The older I get and the more children I have, the more I realize that my parents were right. About most everything! If only I would have really listened to them then. It seems like when you are at the age to absorb and make use of the words of wisdom older people impart on you, you are completely incapable of doing it. I already think of all the things I am going to tell my children to make their lives easier, knowing all the while that they won't listen until they have learned it for themselves. So goes the circle of life!
I was thinking today about how once you become a mom life changes in so many more ways then anyone tells you. Well, had I listened to my mom while growing up I would know, but as previously mentioned I was incapable with my stupid teenage mind. So it all feels like brand new to me. Like, I knew I wouldn't get much sleep, my time wouldn't be my own, my priorities would change. This I knew going into it. I didn't fully get it, but I knew. What I didn't really realize is that as a mom, and a wife actually, you lose the ability to give in to whatever you are feeling. Sure some moms do, but I'm talking about if you actually want things to go smoothly.
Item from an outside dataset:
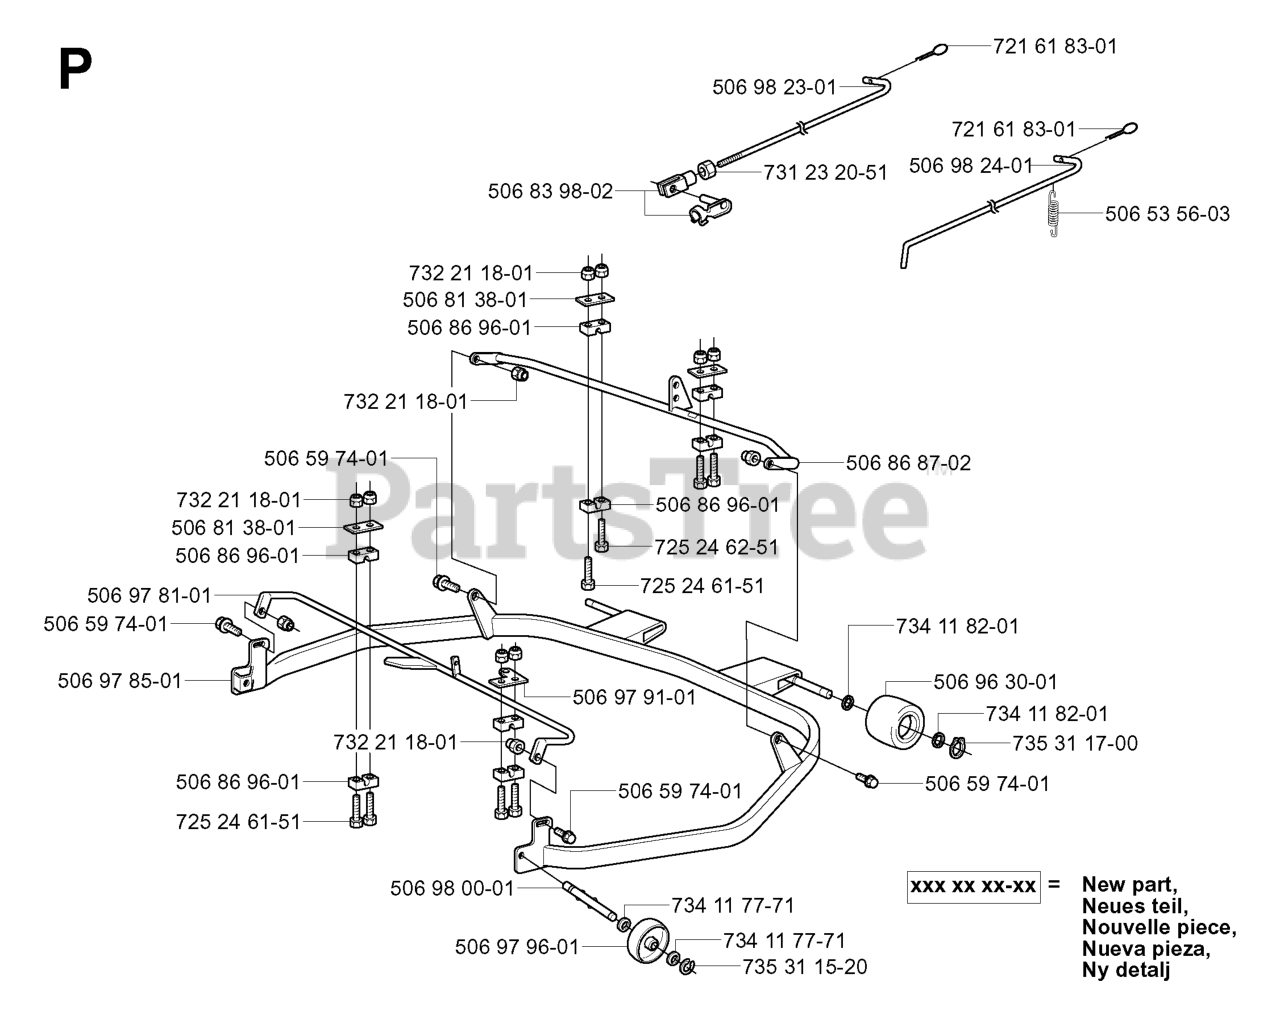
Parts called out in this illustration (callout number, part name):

For example: lately I have not been able to sleep through an entire night. I would say in the last 6 weeks I slept completely through the night once. A big contributing factor is that I am now 22 weeks pregnant and having to pee several times. But another factor is my children. My 2 year old has taken to waking up crying once or twice in the middle of the night and requiring my attention. Then my 3 year old is up by 5:45 like clockwork each day. Now he gets brother up too and they cause all kinds of nonsense so I can't really sleep too soundly once they are up. Anyone who has gone for periods of time with low quality sleep knows that it begins to wear on you. Physically, mentally, emotionally. I am at the point where I get up in the morning and want to cry because I am so tired. Then I am faced with whatever mess my children have already made at that early hour. The day continues with two little people demanding constant attention usually communicating this by whining and flailing themselves around like a fish out of water (what is that about anyway?). Not only that but this tired cranky combination makes it hard to find any motivation to get the stuff around the house done like I should. So guilt starts to creep in. I feel like a crazy mess!
This brings me to the part of not being able to give into your feelings if you want the household to go smoothly. See my brain tells me "these children are the reason you are so tired and cranky, of course you are going to be a little more short with them then usual, of course housework can wait when you feel like a walking zombie." In my mind I know I am justified. My kids act in whatever manner suits their current emotional state. For that matter, so does my husband. But if I do, if I give in to that urge to act in the way I feel like I should, things would fall apart. As these last few days have gotten the best of me I see my children start to fall apart too. My crankiness has warn off on them and they are beginning to whine and fight on a nearly constant basis. And neglecting housework only means there is more for me to face tomorrow, which makes me even crankier. So the only real solution is to suck it up. To dig down deep and find that patience with my children that makes the day go smoothly and allows me to be around them without wanting to strangle them. To trudge through the housework, even if at a slower pace, so that it doesn't become unbearable at the end of the week. This way of thinking, this is not me. Not the me I grew up being. This is the mom in me. Because you see as soon as those little people entered the world they took a piece of me with them. The piece that is allowed to act on whatever I am feeling. That was replaced with a never ending quest to make life peaceful at all costs. It may not be fair, but it's life. My life anyway. And as I have come to realize now that I am actually capable of listening, this is the life my mom and many other moms know too.
In a way it makes me proud. I have joined the club...that club that most women become a part of. I guess the true triumph will be when I learn to do it happily and not out of obligation. The ultimate goal is to not let it make me bitter but to let it make me stronger. I also hold onto the hope that one day it will all be worth it and I will hear my children say, "you were so right!" and "now I get it!". I have a feeling that with all boys this day may not come as soon as it would with girls. Men always take longer to get it. But still I will pray that it comes!